Your instructions –
Work through the entries below and show every line in which "yscale" is found.

Data provided –
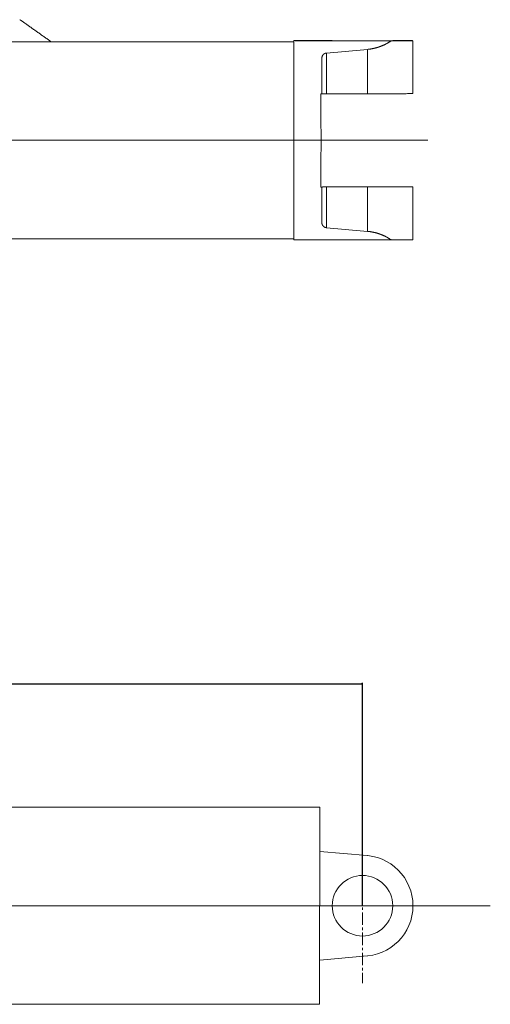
# Model space of a CAD drawing. Extents: x 0 to 59450, y 0 to 42050.
# Tile 304 of 304: x 52149 to 53082, y 35956 to 37909. Entities that reach past the tile are written whole.
import ezdxf

# ---------------------------------------------------------------- set-up
doc = ezdxf.new("R2010")
doc.units = 0
doc.header["$LTSCALE"] = 20
doc.header["$MEASUREMENT"] = 0
doc.linetypes.add('CENTER', pattern=[2, 1.25, -0.25, 0.25, -0.25])
doc.layers.get('0').update_dxf_attribs({"linetype": 'CONTINUOUS'})
doc.layers.get('Defpoints').update_dxf_attribs({"linetype": 'CONTINUOUS'})
doc.dimstyles.new('DXF001', dxfattribs={"dimtxt": 3.1, "dimasz": 2, "dimexe": 2, "dimexo": 0.8, "dimgap": 0.09, "dimtad": 1, "dimdsep": 46, "dimtxsty": 'STANDARD', "dimcen": 0.09, "dimazin": 2, "dimtfac": 0.645161, "dimtdec": 4, "dimtmove": 0, "dimatfit": 3, "dimfxl": 1, "dimtvp": 0.66129, "dimtolj": 1, "dimtzin": 0, "dimarcsym": 0})

# ---------------------------------------------------------------- blocks, each defined once
blk = doc.blocks.new('_OPEN')
at = {"color": 0, "linetype": 'ByBlock', "lineweight": -2}
for p, q in [((-1, 0.166667), (0, 0)), ((0, 0), (-1, -0.166667)), ((0, 0), (-1, 0))]:
    blk.add_line(p, q, dxfattribs=at)
blk = doc.blocks.new('*D35')
at = {"color": 0, "linetype": 'Continuous', "lineweight": -2}
for p, q in [((47787, 36152.5), (47787, 36593.7)), ((47789, 36591.7), (52826.8, 36591.7)), ((52828.8, 36152.5), (52828.8, 36593.7))]:
    blk.add_line(p, q, dxfattribs=at)
at = {"layer": 'Defpoints', "color": 0, "linetype": 'Continuous'}
for p in [(52828.8, 36591.7), (47787, 36151.7), (52828.8, 36151.7)]:
    blk.add_point(p, dxfattribs=at)
at = {"color": 0, "linetype": 'Continuous', "lineweight": -2, "xscale": 2, "yscale": 2, "zscale": 2, "rotation": 180}
blk.add_blockref('_OPEN', (47787, 36591.7), dxfattribs=at)
at = {"color": 0, "linetype": 'Continuous', "lineweight": -2, "xscale": 2, "yscale": 2, "zscale": 2}
blk.add_blockref('_OPEN', (52828.8, 36591.7), dxfattribs=at)
at = {"color": 0, "linetype": 'Continuous', "lineweight": 13, "insert": (50481.8, 36641.7), "char_height": 100, "attachment_point": 5}
blk.add_mtext('\\A1;\\A1;5050', dxfattribs=at)

msp = doc.modelspace()

# ---------------------------------------------------------------- linework, layer by layer
at = {"color": 3, "linetype": 'Continuous', "lineweight": 13}
for p, q in [((52153.57, 37906.299), (52152.832, 37906.812)), ((52156.836, 37903.989), (52153.57, 37906.299)), ((52159.329, 37902.224), (52156.836, 37903.989)), ((52160.948, 37901.079), (52159.329, 37902.224)), ((52162.209, 37900.187), (52160.948, 37901.079)), ((52163.603, 37899.2), (52162.209, 37900.187)), ((52165.088, 37898.149), (52163.603, 37899.2)), ((52166.54, 37897.122), (52165.088, 37898.149)), ((52167.968, 37896.112), (52166.54, 37897.122)), ((52169.405, 37895.095), (52167.968, 37896.112)), ((52170.848, 37894.074), (52169.405, 37895.095)), ((52172.288, 37893.055), (52170.848, 37894.074)), ((52173.727, 37892.037), (52172.288, 37893.055)), ((52175.167, 37891.018), (52173.727, 37892.037)), ((52176.607, 37890), (52175.167, 37891.018)), ((52178.047, 37888.981), (52176.607, 37890)), ((52179.487, 37887.962), (52178.047, 37888.981)), ((52180.926, 37886.943), (52179.487, 37887.962)), ((52182.366, 37885.925), (52180.926, 37886.943)), ((52183.806, 37884.906), (52182.366, 37885.925)), ((52185.246, 37883.887), (52183.806, 37884.906)), ((52186.686, 37882.869), (52185.246, 37883.887)), ((52188.125, 37881.85), (52186.686, 37882.869)), ((52189.565, 37880.831), (52188.125, 37881.85)), ((52191.005, 37879.812), (52189.565, 37880.831)), ((52192.445, 37878.794), (52191.005, 37879.812)), ((52193.885, 37877.775), (52192.445, 37878.794)), ((52195.325, 37876.756), (52193.885, 37877.775)), ((52196.764, 37875.737), (52195.325, 37876.756)), ((52198.204, 37874.719), (52196.764, 37875.737)), ((52199.644, 37873.7), (52198.204, 37874.719)), ((52201.084, 37872.681), (52199.644, 37873.7)), ((52202.524, 37871.663), (52201.084, 37872.681)), ((52203.963, 37870.644), (52202.524, 37871.663)), ((52205.403, 37869.625), (52203.963, 37870.644)), ((52206.843, 37868.606), (52205.403, 37869.625)), ((52692.715, 37865.549), (52020.55, 37865.55)), ((52208.283, 37867.588), (52206.843, 37868.606)), ((52209.723, 37866.569), (52208.283, 37867.588)), ((52211.163, 37865.55), (52209.723, 37866.569)), ((52692.744, 37867.718), (52692.715, 37865.549)), ((52768.846, 37867.718), (52692.744, 37867.718)), ((52692.744, 37867.718), (52694.972, 37867.38)), ((52692.744, 37867.718), (52692.744, 37474.55)), ((52694.972, 37867.38), (52885.731, 37867.38)), ((52838.897, 37850.381), (52757.24, 37843.065)), ((52772.38, 37867.508), (52771.082, 37867.515)), ((52773.935, 37867.501), (52772.38, 37867.508)), ((52775.715, 37867.493), (52773.935, 37867.501)), ((52777.707, 37867.486), (52775.715, 37867.493)), ((52779.88, 37867.479), (52777.707, 37867.486)), ((52782.215, 37867.473), (52779.88, 37867.479)), ((52784.68, 37867.467), (52782.215, 37867.473)), ((52787.256, 37867.462), (52784.68, 37867.467)), ((52789.918, 37867.457), (52787.256, 37867.462)), ((52792.648, 37867.452), (52789.918, 37867.457)), ((52795.408, 37867.448), (52792.648, 37867.452)), ((52798.178, 37867.445), (52795.408, 37867.448)), ((52801.015, 37867.441), (52798.178, 37867.445)), ((52803.991, 37867.438), (52801.015, 37867.441)), ((52807.12, 37867.435), (52803.991, 37867.438)), ((52810.417, 37867.433), (52807.12, 37867.435)), ((52813.867, 37867.431), (52810.417, 37867.433)), ((52817.462, 37867.429), (52813.867, 37867.431)), ((52821.183, 37867.428), (52817.462, 37867.429)), ((52825.021, 37867.427), (52821.183, 37867.428)), ((52828.95, 37867.427), (52825.021, 37867.427)), ((52832.953, 37867.427), (52828.95, 37867.427)), ((52836.999, 37867.428), (52832.953, 37867.427)), ((52841.065, 37867.429), (52836.999, 37867.428)), ((52838.895, 37762.346), (52838.897, 37850.381)), ((52845.119, 37867.431), (52841.065, 37867.429)), ((52849.131, 37867.433), (52845.119, 37867.431)), ((52853.071, 37867.437), (52849.131, 37867.433)), ((52856.905, 37867.44), (52853.071, 37867.437)), ((52860.608, 37867.445), (52856.905, 37867.44)), ((52864.144, 37867.449), (52860.608, 37867.445)), ((52867.498, 37867.455), (52864.144, 37867.449)), ((52870.636, 37867.46), (52867.498, 37867.455)), ((52873.55, 37867.466), (52870.636, 37867.46)), ((52876.215, 37867.473), (52873.55, 37867.466)), ((52878.63, 37867.48), (52876.215, 37867.473)), ((52880.778, 37867.487), (52878.63, 37867.48)), ((52882.668, 37867.494), (52880.778, 37867.487)), ((52884.288, 37867.501), (52882.668, 37867.494)), ((52885.732, 37867.38), (52884.945, 37866.841)), ((52885.732, 37867.38), (52888.887, 37867.385)), ((52888.951, 37867.543), (52888.717, 37867.537)), ((52895.595, 37867.698), (52888.846, 37867.71)), ((52888.846, 37867.556), (52888.854, 37867.556)), ((52888.854, 37867.556), (52888.862, 37867.556)), ((52888.862, 37867.556), (52888.869, 37867.555)), ((52888.869, 37867.555), (52888.877, 37867.555)), ((52888.877, 37867.555), (52888.884, 37867.555)), ((52888.884, 37867.555), (52888.891, 37867.555)), ((52888.887, 37867.385), (52891.958, 37867.389)), ((52888.891, 37867.555), (52888.898, 37867.554)), ((52888.898, 37867.554), (52888.904, 37867.554)), ((52888.904, 37867.554), (52888.91, 37867.554)), ((52888.91, 37867.554), (52888.916, 37867.554)), ((52888.916, 37867.554), (52888.922, 37867.554)), ((52888.922, 37867.554), (52888.928, 37867.553)), ((52888.928, 37867.553), (52888.933, 37867.553)), ((52888.933, 37867.553), (52888.938, 37867.553)), ((52888.938, 37867.553), (52888.943, 37867.553)), ((52888.99, 37867.55), (52888.951, 37867.543)), ((52888.977, 37867.551), (52888.98, 37867.551)), ((52891.958, 37867.389), (52894.942, 37867.394)), ((52894.942, 37867.394), (52897.836, 37867.4)), ((52900.609, 37867.689), (52895.595, 37867.698)), ((52897.836, 37867.4), (52900.626, 37867.405)), ((52903.668, 37867.682), (52900.609, 37867.689)), ((52900.626, 37867.405), (52903.308, 37867.411)), ((52903.308, 37867.411), (52905.874, 37867.417)), ((52905.858, 37867.677), (52903.668, 37867.682)), ((52908.206, 37867.671), (52905.858, 37867.677)), ((52905.874, 37867.417), (52908.321, 37867.423)), ((52910.62, 37867.664), (52908.206, 37867.671)), ((52908.321, 37867.423), (52910.639, 37867.43)), ((52912.829, 37867.657), (52910.62, 37867.664)), ((52910.639, 37867.43), (52912.83, 37867.436)), ((52914.857, 37867.65), (52912.829, 37867.657)), ((52912.83, 37867.436), (52914.883, 37867.443)), ((52916.762, 37867.644), (52914.857, 37867.65)), ((52914.883, 37867.443), (52916.8, 37867.45)), ((52918.541, 37867.636), (52916.762, 37867.644)), ((52916.8, 37867.45), (52918.574, 37867.457)), ((52920.17, 37867.629), (52918.541, 37867.636)), ((52918.574, 37867.457), (52920.208, 37867.464)), ((52921.656, 37867.622), (52920.17, 37867.629)), ((52920.208, 37867.464), (52921.696, 37867.471)), ((52922.996, 37867.615), (52921.656, 37867.622)), ((52921.696, 37867.471), (52923.041, 37867.478)), ((52924.196, 37867.608), (52922.996, 37867.615)), ((52923.041, 37867.478), (52924.24, 37867.485)), ((52924.24, 37867.485), (52925.297, 37867.493)), ((52925.297, 37867.493), (52926.209, 37867.5)), ((52928.828, 37867.55), (52928.702, 37867.557)), ((52928.843, 37762.547), (52928.846, 37867.546)), ((52748.245, 37762.312), (52748.247, 37833.233)), ((52757.24, 37843.065), (52756.741, 37843.008)), ((52757.24, 37843.065), (52757.238, 37762.332)), ((52746.193, 37762.194), (52746.996, 37762.194)), ((52746.273, 37749.344), (52746.194, 37762.193)), ((52746.996, 37762.194), (52748.245, 37762.312)), ((52748.246, 37762.312), (52748.262, 37762.312)), ((52748.739, 37762.318), (52748.89, 37762.319)), ((52748.89, 37762.319), (52749.063, 37762.319)), ((52749.063, 37762.319), (52749.259, 37762.32)), ((52749.259, 37762.32), (52749.478, 37762.321)), ((52749.478, 37762.321), (52749.721, 37762.322)), ((52749.721, 37762.322), (52749.987, 37762.323)), ((52749.987, 37762.323), (52750.276, 37762.324)), ((52750.276, 37762.324), (52750.589, 37762.325)), ((52750.589, 37762.325), (52750.923, 37762.325)), ((52750.923, 37762.325), (52751.28, 37762.326)), ((52751.28, 37762.326), (52751.657, 37762.327)), ((52751.657, 37762.327), (52752.055, 37762.327)), ((52752.055, 37762.327), (52752.469, 37762.328)), ((52752.469, 37762.328), (52752.896, 37762.329)), ((52752.896, 37762.329), (52753.347, 37762.329)), ((52753.347, 37762.329), (52753.823, 37762.329)), ((52753.823, 37762.329), (52754.279, 37762.33)), ((52754.279, 37762.33), (52754.699, 37762.33)), ((52754.699, 37762.33), (52755.249, 37762.331)), ((52755.249, 37762.331), (52756.107, 37762.331)), ((52756.107, 37762.331), (52757.238, 37762.331)), ((52757.238, 37762.332), (52838.895, 37762.346)), ((52838.894, 37762.346), (52842.875, 37762.347)), ((52842.875, 37762.347), (52846.912, 37762.348)), ((52846.912, 37762.348), (52851.012, 37762.35)), ((52851.012, 37762.35), (52855.159, 37762.352)), ((52855.159, 37762.352), (52859.342, 37762.354)), ((52859.342, 37762.354), (52863.547, 37762.357)), ((52863.547, 37762.357), (52867.762, 37762.361)), ((52867.762, 37762.361), (52871.971, 37762.364)), ((52871.971, 37762.364), (52876.157, 37762.369)), ((52876.157, 37762.369), (52880.305, 37762.373)), ((52880.305, 37762.373), (52884.396, 37762.378)), ((52884.396, 37762.378), (52888.412, 37762.384)), ((52888.412, 37762.384), (52892.332, 37762.39)), ((52892.332, 37762.39), (52896.14, 37762.397)), ((52896.14, 37762.397), (52899.813, 37762.404)), ((52899.813, 37762.404), (52903.336, 37762.411)), ((52903.336, 37762.411), (52906.686, 37762.419)), ((52906.686, 37762.419), (52909.851, 37762.428)), ((52909.851, 37762.428), (52912.808, 37762.437)), ((52912.808, 37762.437), (52915.549, 37762.446)), ((52915.549, 37762.446), (52918.049, 37762.455)), ((52918.049, 37762.455), (52920.314, 37762.465)), ((52920.314, 37762.465), (52922.324, 37762.475)), ((52922.324, 37762.475), (52924.06, 37762.485)), ((52924.06, 37762.485), (52925.498, 37762.494)), ((52746.331, 37739.382), (52746.273, 37749.344)), ((52746.364, 37732.702), (52746.331, 37739.382)), ((52746.386, 37727.313), (52746.364, 37732.702)), ((52746.408, 37721.314), (52746.386, 37727.313)), ((52746.43, 37714.884), (52746.408, 37721.314)), ((52746.449, 37708.513), (52746.43, 37714.884)), ((52746.464, 37702.169), (52746.449, 37708.513)), ((52746.477, 37695.739), (52746.464, 37702.169)), ((52746.487, 37689.244), (52746.477, 37695.739)), ((52746.494, 37682.726), (52746.487, 37689.244)), ((52746.498, 37676.194), (52746.494, 37682.726)), ((52746.499, 37669.648), (52746.498, 37676.194)), ((47526.649, 37670.051), (52958.474, 37670.051)), ((52746.486, 37650.054), (52746.493, 37656.567)), ((52746.493, 37656.567), (52746.498, 37663.101)), ((52746.498, 37663.101), (52746.499, 37669.648)), ((52746.446, 37630.753), (52746.462, 37637.136)), ((52746.462, 37637.136), (52746.475, 37643.574)), ((52746.475, 37643.574), (52746.486, 37650.054)), ((52746.382, 37612.016), (52746.406, 37618.184)), ((52746.406, 37618.184), (52746.428, 37624.431)), ((52746.428, 37624.431), (52746.446, 37630.753)), ((52746.295, 37594.094), (52746.327, 37599.964)), ((52746.327, 37599.964), (52746.356, 37605.942)), ((52746.356, 37605.942), (52746.382, 37612.016)), ((52746.188, 37577.194), (52746.226, 37582.706)), ((52746.991, 37577.194), (52746.188, 37577.194)), ((52746.226, 37582.706), (52746.262, 37588.337)), ((52746.262, 37588.337), (52746.295, 37594.094)), ((52748.24, 37577.313), (52746.991, 37577.194)), ((52748.238, 37506.393), (52748.24, 37577.313)), ((52748.604, 37577.317), (52748.499, 37577.317)), ((52748.733, 37577.318), (52748.604, 37577.317)), ((52748.884, 37577.319), (52748.733, 37577.318)), ((52749.058, 37577.32), (52748.884, 37577.319)), ((52749.253, 37577.321), (52749.058, 37577.32)), ((52749.473, 37577.322), (52749.253, 37577.321)), ((52749.715, 37577.323), (52749.473, 37577.322)), ((52749.982, 37577.323), (52749.715, 37577.323)), ((52750.271, 37577.324), (52749.982, 37577.323)), ((52750.583, 37577.325), (52750.271, 37577.324)), ((52750.918, 37577.326), (52750.583, 37577.325)), ((52751.275, 37577.327), (52750.918, 37577.326)), ((52751.651, 37577.327), (52751.275, 37577.327)), ((52752.048, 37577.328), (52751.651, 37577.327)), ((52752.463, 37577.329), (52752.048, 37577.328)), ((52752.895, 37577.329), (52752.463, 37577.329)), ((52753.342, 37577.33), (52752.895, 37577.329)), ((52753.802, 37577.33), (52753.342, 37577.33)), ((52754.274, 37577.33), (52753.802, 37577.33)), ((52754.755, 37577.331), (52754.274, 37577.33)), ((52755.243, 37577.331), (52754.755, 37577.331)), ((52755.738, 37577.331), (52755.243, 37577.331)), ((52756.235, 37577.332), (52755.738, 37577.331)), ((52756.733, 37577.332), (52756.235, 37577.332)), ((52757.232, 37577.332), (52756.733, 37577.332)), ((52757.232, 37577.332), (52757.23, 37496.599)), ((52838.89, 37577.347), (52757.232, 37577.332)), ((52838.887, 37489.312), (52838.89, 37577.347)), ((52848.235, 37577.35), (52838.891, 37577.347)), ((52855.43, 37577.353), (52848.235, 37577.35)), ((52860.19, 37577.355), (52855.43, 37577.353)), ((52863.96, 37577.358), (52860.19, 37577.355)), ((52868.116, 37577.362), (52863.96, 37577.358)), ((52872.52, 37577.365), (52868.116, 37577.362)), ((52876.804, 37577.37), (52872.52, 37577.365)), ((52880.98, 37577.375), (52876.804, 37577.37)), ((52885.117, 37577.38), (52880.98, 37577.375)), ((52889.191, 37577.386), (52885.117, 37577.38)), ((52888.838, 37577.711), (52892.463, 37577.705)), ((52893.156, 37577.392), (52889.191, 37577.386)), ((52892.463, 37577.705), (52895.891, 37577.699)), ((52896.996, 37577.399), (52893.156, 37577.392)), ((52895.891, 37577.699), (52899.114, 37577.692)), ((52900.693, 37577.406), (52896.996, 37577.399)), ((52899.114, 37577.692), (52902.142, 37577.686)), ((52904.233, 37577.414), (52900.693, 37577.406)), ((52902.142, 37577.686), (52904.969, 37577.679)), ((52907.588, 37577.422), (52904.233, 37577.414)), ((52904.969, 37577.679), (52907.602, 37577.673)), ((52910.747, 37577.431), (52907.588, 37577.422)), ((52907.602, 37577.673), (52910.045, 37577.666)), ((52910.045, 37577.666), (52912.353, 37577.659)), ((52913.685, 37577.44), (52910.747, 37577.431)), ((52912.353, 37577.659), (52914.57, 37577.652)), ((52916.397, 37577.449), (52913.685, 37577.44)), ((52914.57, 37577.652), (52916.688, 37577.644)), ((52918.858, 37577.459), (52916.397, 37577.449)), ((52916.688, 37577.644), (52918.683, 37577.636)), ((52918.683, 37577.636), (52920.545, 37577.628)), ((52921.066, 37577.468), (52918.858, 37577.459)), ((52920.545, 37577.628), (52922.256, 37577.62)), ((52923.003, 37577.479), (52921.066, 37577.468)), ((52922.256, 37577.62), (52923.805, 37577.611)), ((52923.805, 37577.611), (52925.171, 37577.602)), ((52925.171, 37577.602), (52926.346, 37577.592)), ((52928.8, 37577.541), (52928.532, 37577.531)), ((52928.835, 37472.547), (52928.838, 37577.547)), ((52748.239, 37506.393), (52748.255, 37505.991)), ((52757.23, 37496.599), (52838.887, 37489.312)), ((52838.887, 37489.313), (52839.994, 37489.207)), ((48174.809, 37474.551), (52692.709, 37474.549)), ((52692.709, 37474.549), (52692.733, 37472.719)), ((52694.961, 37472.381), (52692.733, 37472.719)), ((52885.72, 37472.381), (52694.961, 37472.381)), ((52891.644, 37472.389), (52885.719, 37472.38)), ((52896.08, 37472.396), (52891.644, 37472.389)), ((52898.835, 37472.402), (52896.08, 37472.396)), ((52900.859, 37472.406), (52898.835, 37472.402)), ((52903.048, 37472.411), (52900.859, 37472.406)), ((52905.323, 37472.416), (52903.048, 37472.411)), ((52907.448, 37472.421), (52905.323, 37472.416)), ((52909.444, 37472.427), (52907.448, 37472.421)), ((52911.361, 37472.432), (52909.444, 37472.427)), ((52913.195, 37472.438), (52911.361, 37472.432)), ((52914.926, 37472.443), (52913.195, 37472.438)), ((52916.557, 37472.449), (52914.926, 37472.443)), ((52918.086, 37472.455), (52916.557, 37472.449)), ((52919.515, 37472.461), (52918.086, 37472.455)), ((52920.839, 37472.467), (52919.515, 37472.461)), ((52922.06, 37472.473), (52920.839, 37472.467)), ((52923.176, 37472.48), (52922.06, 37472.473)), ((52924.19, 37472.486), (52923.176, 37472.48)), ((52925.098, 37472.492), (52924.19, 37472.486)), ((52928.835, 37472.547), (52928.792, 37472.541)), ((52743.838, 36347.167), (48173.599, 36347.167)), ((52743.838, 36347.167), (52743.832, 35956.167)), ((52837.959, 36251.242), (52743.837, 36259.478)), ((47533.599, 36151.667), (53082.2, 36151.667)), ((52837.959, 36052.092), (52743.837, 36043.856)), ((48173.599, 35956.167), (52743.832, 35956.167))]:
    msp.add_line(p, q, dxfattribs=at)
at = {"color": 3, "linetype": 'CENTER', "lineweight": 13}
msp.add_line((52828.837, 36298.498), (52828.832, 35998.198), dxfattribs=at)
at = {"color": 3, "linetype": 'Continuous', "lineweight": 13}
msp.add_circle((52828.835, 36151.649), 60, dxfattribs=at)
for centre, radius, start, end in [((52123.618, 37863.848), 51.957, 59.758465, 60.754416), ((52123.905, 37864.299), 51.422, 58.777352, 59.782463), ((52124.229, 37864.858), 50.777, 57.745973, 58.762788), ((52124.403, 37865.098), 50.48, 56.746261, 57.767956), ((52124.351, 37865.054), 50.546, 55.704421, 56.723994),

Solution for this exercise –
at = {"color": 0, "linetype": 'Continuous', "lineweight": -2, "xscale": 2, "yscale": 2, "zscale": 2, "rotation": 180}
at = {"color": 0, "linetype": 'Continuous', "lineweight": -2, "xscale": 2, "yscale": 2, "zscale": 2}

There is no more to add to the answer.